Is there any way you can afford any help with childcare for your son? Or could your husband reduce his hours on a temporary basis to help out when new baby is here?
I think as well I might look into hiring a cleaner to take some pressure off.
I still wonder how the hell I will cope but have spoke with lots of women who have has a short gap with kids and got through it, with or without family help. They all also say they are sop glad they had them close together because the kids end up close, you're already into the swing of baby stuff anyway, e.t.c. There is no doubt it will be HARD but whether you have 1 child or three or whatever the gap, its hard.
Has your HV or GP been helpful with your post partum anxiety and PSTD?
If you want to pm me feel free as in the next couple of months I will be able to give you tips on how to manage!
Oh and also, I have made the decision to go for an elective section. I would like to try VBAC, but as my son is so young and we have no close family nearby, for practical reasons it suits better - I can arrange for care for my son in advance and know what to expect with a section, but it wont be rushed this time after a 3 day labour with little sleep! ELCS right now over VBAC seems the lesser of two evils!

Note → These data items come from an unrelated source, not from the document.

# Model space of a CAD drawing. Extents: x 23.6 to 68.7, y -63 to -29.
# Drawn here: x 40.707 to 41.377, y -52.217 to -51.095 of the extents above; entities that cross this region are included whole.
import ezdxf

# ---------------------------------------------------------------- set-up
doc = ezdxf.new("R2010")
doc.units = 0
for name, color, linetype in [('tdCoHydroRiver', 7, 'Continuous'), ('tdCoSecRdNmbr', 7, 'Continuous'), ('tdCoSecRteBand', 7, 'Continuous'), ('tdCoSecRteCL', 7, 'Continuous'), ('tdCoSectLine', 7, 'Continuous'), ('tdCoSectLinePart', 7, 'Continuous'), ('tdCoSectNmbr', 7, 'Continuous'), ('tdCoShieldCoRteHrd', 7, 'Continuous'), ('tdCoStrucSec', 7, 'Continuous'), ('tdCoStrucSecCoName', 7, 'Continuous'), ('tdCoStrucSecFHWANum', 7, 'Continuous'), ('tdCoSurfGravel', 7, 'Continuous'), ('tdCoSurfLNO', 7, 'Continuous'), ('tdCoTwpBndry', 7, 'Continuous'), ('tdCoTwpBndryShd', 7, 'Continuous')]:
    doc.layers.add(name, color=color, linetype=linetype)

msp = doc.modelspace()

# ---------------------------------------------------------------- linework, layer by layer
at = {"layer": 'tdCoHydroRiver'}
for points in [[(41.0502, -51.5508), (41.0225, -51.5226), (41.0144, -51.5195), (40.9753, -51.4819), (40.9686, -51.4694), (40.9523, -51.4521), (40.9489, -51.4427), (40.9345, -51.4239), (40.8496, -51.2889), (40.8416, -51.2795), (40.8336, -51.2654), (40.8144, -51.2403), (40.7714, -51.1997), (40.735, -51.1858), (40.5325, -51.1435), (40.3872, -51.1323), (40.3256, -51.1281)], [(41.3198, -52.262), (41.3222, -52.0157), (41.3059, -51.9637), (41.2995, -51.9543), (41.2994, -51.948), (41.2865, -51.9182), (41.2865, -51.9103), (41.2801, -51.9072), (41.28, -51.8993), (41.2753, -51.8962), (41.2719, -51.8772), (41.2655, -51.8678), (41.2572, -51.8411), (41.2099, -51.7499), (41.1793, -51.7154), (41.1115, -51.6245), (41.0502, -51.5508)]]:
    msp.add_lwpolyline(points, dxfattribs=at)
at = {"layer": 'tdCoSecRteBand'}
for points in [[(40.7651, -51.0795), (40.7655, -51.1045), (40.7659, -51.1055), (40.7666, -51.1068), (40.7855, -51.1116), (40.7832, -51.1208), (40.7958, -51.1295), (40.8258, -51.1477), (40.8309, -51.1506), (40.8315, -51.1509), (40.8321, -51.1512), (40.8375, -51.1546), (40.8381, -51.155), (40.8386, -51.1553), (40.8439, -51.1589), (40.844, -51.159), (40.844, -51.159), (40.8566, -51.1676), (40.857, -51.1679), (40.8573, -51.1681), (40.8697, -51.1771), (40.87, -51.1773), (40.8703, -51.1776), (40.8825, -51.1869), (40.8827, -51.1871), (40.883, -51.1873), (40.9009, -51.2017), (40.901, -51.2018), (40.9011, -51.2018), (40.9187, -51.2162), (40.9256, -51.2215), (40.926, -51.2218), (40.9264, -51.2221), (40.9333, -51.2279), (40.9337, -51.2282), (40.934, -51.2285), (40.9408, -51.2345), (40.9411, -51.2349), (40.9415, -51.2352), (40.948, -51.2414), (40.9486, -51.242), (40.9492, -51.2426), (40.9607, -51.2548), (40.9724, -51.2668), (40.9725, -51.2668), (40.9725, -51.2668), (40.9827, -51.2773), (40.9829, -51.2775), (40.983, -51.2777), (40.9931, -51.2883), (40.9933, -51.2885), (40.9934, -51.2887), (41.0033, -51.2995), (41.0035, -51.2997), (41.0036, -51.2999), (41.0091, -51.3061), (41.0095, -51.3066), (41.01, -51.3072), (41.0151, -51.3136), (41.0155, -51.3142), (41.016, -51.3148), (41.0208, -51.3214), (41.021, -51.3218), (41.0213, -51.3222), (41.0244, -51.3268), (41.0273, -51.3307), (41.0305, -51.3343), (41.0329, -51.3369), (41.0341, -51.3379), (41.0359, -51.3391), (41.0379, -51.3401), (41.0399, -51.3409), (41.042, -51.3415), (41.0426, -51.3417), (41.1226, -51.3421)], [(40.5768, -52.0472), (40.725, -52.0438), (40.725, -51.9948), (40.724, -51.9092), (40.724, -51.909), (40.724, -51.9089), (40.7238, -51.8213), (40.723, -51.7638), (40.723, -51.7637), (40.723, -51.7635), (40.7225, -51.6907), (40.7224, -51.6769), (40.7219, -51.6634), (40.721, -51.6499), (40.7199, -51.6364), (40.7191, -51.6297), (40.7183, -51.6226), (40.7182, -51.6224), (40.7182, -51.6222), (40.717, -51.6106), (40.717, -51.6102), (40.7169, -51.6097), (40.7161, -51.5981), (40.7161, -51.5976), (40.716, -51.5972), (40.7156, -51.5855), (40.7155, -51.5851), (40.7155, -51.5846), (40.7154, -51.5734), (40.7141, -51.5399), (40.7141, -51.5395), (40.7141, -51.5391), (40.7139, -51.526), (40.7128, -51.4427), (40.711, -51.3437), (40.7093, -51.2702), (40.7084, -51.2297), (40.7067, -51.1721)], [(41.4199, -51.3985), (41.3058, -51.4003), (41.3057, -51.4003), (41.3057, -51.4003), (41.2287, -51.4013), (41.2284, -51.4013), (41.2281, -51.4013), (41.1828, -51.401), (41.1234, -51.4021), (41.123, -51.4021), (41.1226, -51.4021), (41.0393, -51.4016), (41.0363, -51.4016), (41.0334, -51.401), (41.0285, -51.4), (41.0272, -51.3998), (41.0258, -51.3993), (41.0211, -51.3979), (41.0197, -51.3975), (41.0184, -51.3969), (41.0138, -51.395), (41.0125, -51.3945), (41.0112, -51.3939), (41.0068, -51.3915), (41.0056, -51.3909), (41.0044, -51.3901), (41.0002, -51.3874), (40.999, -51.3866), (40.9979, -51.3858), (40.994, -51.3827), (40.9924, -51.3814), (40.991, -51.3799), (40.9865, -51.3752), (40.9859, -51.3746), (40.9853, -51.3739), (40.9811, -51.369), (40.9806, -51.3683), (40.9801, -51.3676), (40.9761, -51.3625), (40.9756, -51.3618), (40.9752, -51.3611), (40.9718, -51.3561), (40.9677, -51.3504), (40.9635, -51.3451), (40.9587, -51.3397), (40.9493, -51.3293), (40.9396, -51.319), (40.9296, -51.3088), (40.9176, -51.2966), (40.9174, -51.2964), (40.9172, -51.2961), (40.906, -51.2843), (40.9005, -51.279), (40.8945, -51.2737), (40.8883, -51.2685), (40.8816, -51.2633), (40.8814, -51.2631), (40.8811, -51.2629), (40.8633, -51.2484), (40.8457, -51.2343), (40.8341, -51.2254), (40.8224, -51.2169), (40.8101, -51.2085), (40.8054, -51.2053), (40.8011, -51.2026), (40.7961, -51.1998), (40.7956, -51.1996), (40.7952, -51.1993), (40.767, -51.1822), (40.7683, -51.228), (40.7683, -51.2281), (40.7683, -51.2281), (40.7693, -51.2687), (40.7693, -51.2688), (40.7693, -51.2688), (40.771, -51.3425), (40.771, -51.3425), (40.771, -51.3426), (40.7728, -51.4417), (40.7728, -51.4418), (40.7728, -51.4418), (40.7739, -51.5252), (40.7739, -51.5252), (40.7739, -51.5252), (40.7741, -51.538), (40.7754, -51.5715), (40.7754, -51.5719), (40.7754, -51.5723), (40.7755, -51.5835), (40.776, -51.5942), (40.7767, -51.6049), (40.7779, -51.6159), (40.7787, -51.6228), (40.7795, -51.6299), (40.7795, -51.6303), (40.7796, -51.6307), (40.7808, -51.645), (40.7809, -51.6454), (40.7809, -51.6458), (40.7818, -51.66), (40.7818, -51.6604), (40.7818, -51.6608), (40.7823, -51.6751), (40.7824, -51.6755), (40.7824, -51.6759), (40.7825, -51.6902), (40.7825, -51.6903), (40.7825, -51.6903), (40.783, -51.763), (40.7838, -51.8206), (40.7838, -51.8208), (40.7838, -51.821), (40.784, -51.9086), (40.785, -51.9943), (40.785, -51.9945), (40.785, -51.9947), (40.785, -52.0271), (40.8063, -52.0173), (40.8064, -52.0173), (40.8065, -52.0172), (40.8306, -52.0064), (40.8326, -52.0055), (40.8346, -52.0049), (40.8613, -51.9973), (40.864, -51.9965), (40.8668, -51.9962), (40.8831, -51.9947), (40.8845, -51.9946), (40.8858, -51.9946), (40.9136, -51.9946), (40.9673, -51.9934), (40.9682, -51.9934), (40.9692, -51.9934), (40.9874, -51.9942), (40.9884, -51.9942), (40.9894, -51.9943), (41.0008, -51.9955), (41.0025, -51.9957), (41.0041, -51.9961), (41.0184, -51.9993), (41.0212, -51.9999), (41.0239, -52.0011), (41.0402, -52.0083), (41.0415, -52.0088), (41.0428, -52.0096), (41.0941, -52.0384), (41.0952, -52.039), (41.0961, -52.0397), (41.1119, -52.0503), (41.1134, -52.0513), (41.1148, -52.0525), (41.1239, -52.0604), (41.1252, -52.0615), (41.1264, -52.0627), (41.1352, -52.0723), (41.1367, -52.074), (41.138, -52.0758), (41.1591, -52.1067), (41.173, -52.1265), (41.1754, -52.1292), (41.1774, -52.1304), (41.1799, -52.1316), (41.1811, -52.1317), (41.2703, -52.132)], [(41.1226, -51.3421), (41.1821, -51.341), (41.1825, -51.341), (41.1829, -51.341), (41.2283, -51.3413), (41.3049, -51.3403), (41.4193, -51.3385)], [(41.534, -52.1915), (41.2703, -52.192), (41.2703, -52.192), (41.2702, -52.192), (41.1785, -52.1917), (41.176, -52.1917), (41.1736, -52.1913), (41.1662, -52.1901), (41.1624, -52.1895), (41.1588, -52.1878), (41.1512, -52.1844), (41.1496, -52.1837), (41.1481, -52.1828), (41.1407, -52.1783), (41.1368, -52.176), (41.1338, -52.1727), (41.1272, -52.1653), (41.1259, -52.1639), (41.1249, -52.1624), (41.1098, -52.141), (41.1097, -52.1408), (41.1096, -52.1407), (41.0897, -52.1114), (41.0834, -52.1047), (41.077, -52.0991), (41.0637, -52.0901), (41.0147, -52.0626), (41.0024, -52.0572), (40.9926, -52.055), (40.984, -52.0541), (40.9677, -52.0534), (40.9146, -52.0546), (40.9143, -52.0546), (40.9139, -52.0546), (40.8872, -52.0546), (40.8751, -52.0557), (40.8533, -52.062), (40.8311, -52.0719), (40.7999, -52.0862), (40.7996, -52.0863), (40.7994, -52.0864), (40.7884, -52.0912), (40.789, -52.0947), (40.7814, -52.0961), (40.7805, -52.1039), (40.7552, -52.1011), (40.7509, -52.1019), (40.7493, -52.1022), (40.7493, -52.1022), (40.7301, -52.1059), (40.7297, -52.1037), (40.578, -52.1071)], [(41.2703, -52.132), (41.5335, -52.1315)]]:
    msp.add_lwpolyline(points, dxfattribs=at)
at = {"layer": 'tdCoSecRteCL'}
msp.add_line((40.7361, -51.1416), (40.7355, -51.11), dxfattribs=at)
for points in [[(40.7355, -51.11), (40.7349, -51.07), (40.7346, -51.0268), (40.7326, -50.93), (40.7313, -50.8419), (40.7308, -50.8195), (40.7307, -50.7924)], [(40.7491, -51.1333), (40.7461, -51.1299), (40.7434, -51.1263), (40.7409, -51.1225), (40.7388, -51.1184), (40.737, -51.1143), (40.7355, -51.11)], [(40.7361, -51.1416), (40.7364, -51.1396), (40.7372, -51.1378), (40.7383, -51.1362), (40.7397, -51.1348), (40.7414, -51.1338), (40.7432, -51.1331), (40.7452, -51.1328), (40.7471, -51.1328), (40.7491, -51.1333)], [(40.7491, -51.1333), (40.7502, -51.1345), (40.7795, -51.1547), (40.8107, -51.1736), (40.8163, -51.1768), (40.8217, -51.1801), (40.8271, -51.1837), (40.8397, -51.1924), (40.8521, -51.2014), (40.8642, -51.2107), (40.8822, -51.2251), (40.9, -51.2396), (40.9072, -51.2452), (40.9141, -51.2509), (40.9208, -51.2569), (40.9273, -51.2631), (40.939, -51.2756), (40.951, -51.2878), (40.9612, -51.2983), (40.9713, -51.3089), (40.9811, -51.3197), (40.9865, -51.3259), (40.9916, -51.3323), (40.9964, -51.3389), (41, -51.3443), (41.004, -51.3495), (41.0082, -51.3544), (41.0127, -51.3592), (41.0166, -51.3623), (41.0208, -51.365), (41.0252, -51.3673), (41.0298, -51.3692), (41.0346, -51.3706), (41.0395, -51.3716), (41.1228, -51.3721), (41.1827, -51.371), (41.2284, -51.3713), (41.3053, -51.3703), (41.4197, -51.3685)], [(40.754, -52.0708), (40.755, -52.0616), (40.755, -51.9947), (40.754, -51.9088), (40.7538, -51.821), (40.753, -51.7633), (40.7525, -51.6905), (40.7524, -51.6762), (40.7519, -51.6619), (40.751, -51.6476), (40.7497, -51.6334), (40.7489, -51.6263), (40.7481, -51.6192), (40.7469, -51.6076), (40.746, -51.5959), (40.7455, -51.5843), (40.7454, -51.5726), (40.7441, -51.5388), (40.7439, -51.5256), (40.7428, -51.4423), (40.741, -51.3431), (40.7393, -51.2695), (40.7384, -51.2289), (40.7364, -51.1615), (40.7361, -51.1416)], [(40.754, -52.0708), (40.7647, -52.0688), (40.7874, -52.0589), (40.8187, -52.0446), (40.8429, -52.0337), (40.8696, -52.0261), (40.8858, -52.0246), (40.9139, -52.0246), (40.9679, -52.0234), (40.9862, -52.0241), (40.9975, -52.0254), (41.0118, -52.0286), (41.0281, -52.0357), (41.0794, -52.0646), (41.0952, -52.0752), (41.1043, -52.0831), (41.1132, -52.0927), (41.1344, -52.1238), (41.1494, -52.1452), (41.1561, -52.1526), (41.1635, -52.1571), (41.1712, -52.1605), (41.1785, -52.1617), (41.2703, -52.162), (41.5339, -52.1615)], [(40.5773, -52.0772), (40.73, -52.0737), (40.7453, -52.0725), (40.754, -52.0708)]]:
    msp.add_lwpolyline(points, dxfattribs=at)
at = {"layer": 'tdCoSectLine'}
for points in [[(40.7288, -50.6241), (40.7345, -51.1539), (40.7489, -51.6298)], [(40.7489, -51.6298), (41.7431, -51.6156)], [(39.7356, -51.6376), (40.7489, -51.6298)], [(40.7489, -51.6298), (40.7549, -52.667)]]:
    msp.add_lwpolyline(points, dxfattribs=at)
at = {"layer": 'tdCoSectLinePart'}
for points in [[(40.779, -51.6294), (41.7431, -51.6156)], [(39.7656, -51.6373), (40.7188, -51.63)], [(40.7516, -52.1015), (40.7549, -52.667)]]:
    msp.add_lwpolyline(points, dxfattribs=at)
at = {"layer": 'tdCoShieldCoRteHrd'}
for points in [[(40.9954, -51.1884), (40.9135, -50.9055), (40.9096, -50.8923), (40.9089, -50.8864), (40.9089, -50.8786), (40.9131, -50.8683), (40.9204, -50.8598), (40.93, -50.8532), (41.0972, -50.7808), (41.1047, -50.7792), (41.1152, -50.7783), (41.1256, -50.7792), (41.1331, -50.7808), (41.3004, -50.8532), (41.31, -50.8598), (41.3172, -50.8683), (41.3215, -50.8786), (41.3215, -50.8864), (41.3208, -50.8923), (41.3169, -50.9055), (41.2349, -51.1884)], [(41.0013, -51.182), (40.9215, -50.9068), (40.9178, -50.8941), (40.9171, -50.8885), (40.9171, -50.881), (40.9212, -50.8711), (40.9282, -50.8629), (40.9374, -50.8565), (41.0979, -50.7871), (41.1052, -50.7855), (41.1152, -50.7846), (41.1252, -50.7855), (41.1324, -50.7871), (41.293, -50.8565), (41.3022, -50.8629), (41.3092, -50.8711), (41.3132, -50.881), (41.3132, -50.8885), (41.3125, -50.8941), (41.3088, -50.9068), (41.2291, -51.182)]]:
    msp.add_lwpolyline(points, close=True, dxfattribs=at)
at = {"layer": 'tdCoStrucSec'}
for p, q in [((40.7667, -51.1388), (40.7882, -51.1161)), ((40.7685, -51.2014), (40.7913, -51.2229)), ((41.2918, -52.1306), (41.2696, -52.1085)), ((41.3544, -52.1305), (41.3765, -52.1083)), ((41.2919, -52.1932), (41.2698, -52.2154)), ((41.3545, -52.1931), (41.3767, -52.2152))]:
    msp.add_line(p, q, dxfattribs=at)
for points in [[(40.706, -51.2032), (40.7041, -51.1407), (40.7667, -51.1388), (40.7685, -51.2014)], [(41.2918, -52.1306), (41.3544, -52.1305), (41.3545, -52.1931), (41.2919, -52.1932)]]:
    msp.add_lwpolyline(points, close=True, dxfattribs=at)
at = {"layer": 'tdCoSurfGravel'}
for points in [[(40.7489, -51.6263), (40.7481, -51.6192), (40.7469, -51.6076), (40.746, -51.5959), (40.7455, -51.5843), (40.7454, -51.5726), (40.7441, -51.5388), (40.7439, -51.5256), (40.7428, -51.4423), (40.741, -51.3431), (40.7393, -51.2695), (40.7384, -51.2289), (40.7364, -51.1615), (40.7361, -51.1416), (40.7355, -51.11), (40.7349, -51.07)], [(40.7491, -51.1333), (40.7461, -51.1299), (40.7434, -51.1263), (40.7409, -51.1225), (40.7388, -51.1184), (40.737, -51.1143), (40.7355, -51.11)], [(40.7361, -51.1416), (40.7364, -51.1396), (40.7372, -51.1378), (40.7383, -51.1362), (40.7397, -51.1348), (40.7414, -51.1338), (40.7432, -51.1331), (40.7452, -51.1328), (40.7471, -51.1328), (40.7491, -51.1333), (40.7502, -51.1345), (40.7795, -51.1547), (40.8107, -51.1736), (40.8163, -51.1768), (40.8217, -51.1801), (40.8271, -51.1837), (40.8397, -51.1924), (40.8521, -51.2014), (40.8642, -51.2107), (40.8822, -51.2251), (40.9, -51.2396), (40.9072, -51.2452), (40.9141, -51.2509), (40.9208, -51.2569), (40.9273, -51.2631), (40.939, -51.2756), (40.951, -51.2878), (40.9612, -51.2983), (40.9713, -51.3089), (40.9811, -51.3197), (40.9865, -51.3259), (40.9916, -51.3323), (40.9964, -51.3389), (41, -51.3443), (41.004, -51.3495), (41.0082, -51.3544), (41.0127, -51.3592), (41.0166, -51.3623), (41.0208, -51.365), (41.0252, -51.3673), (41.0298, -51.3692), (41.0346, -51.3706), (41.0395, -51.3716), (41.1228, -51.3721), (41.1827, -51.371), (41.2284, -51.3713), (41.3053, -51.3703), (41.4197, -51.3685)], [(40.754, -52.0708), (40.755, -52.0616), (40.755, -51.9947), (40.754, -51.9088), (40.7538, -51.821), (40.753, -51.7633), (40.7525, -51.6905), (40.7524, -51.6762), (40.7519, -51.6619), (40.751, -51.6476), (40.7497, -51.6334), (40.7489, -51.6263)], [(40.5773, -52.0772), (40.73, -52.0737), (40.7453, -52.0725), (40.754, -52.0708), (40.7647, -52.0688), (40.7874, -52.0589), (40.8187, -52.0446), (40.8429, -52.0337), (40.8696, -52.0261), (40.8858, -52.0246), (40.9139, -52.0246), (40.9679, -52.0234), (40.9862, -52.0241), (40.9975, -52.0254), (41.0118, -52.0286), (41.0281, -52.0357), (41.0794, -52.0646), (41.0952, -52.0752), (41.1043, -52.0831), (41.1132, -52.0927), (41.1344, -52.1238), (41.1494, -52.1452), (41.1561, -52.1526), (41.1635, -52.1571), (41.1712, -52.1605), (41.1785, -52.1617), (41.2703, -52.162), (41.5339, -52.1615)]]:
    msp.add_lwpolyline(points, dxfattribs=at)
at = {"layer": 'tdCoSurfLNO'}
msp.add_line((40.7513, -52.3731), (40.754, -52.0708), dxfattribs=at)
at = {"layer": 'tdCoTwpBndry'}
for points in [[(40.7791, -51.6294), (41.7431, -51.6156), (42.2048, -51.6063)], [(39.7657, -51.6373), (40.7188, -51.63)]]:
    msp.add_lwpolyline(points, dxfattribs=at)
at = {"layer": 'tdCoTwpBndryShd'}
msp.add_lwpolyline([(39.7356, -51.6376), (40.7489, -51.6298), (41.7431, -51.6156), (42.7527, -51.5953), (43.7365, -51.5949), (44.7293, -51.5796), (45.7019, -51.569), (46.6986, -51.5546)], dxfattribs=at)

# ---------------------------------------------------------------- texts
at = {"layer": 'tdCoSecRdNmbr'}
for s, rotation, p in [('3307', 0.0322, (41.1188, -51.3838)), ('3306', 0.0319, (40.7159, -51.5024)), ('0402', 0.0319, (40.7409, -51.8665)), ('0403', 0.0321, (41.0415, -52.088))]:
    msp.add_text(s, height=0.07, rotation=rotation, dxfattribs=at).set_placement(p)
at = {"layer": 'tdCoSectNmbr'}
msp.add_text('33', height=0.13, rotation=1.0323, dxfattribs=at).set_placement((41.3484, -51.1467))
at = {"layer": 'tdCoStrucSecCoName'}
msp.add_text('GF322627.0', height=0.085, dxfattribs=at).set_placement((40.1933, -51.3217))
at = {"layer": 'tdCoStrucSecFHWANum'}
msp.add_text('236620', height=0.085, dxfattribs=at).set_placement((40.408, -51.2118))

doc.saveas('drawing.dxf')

CoffeeAndASliceOfCake · 07/02/2019 11:09

I had an emergency c section followed by severe PND.. fell pregnant just under 4 months after giving birth.
There's 12 months and 2 weeks between DS1 and DS2. Its hard work, but wouldn't have it any other way. We're expecting again, due in September and by that point, DS1 will be 2 years 9 months old and DS2 will be 1 year and 8 months old, so we'll have 3 under 3!

myotherbagisgucci · 07/02/2019 12:11

I'm currently 35 weeks pregnant and I have a 13 month old. I'm not going to lie, it's physically exhausting at times and I'll be so glad once DC2 is here!

I'm definitely not planning on having anymore now or in the future, so I'm glad they'll both be close in age.

blondeirishmummy84 · 07/02/2019 12:18

Wow @CoffeeAndASliceofCake! Do you have any tips on how you coped when the newborn was here? How did DS1 react when you brought DS2 home?

@myotherbagusgucci yes I am starting to find it physically difficult now lifting my DS1 and feel so bad when I have little energy to interact with him as well as I could be.

CoffeeAndASliceOfCake · 07/02/2019 13:40

@blondeirishmummy84 For the first month or so, DS1 didn't really acknowledge that DS2 was a real person, he had little interest in him, then out of nowhere, he started showering him with love! Constant cuddles and kisses, it's great watching them together now they're that bit older, it's like they have a built in play mate, always laughing and mucking about together - hoping DC3 slots in as easily as DS2 did!

DS2 was an elective section (didn't feel comfortable trying for a VBAC) so my DH took over the night wakings with DS1 when DS2 arrived - a massive, massive help especially in those first few painful weeks and its actually remained that way ever since! We're fans of 'tag teaming' the kids otherwise they can have the tendency to run circles around me come the end of the day! I was so set on a 'routine' when we had our first baby, but with the second, you really have to go with the flow. I found that my days rarely go to plan and I've learned to accept that. Truthfully, if everyone is still alive by bed time, I consider the day to have been a success GrinGrin

Joeybee · 08/02/2019 04:37

Thanks so much for all your wonderful replies, it's made me feel way more optimistic.

In answer to the question, nope can't afford childcare. We've just built a house and used all our savings on that, I've been on unpaid maternity leave, due back in April and basically we were relying on my being back at work to get us back on track financially...now I'll only be back for 5 months max, so won't have built up enough money.
This is just all such bad timing. However I do feel that having 2 babies would be easier than having a newborn and toddler, plus I wanted my children close together, so maybe this is just fate.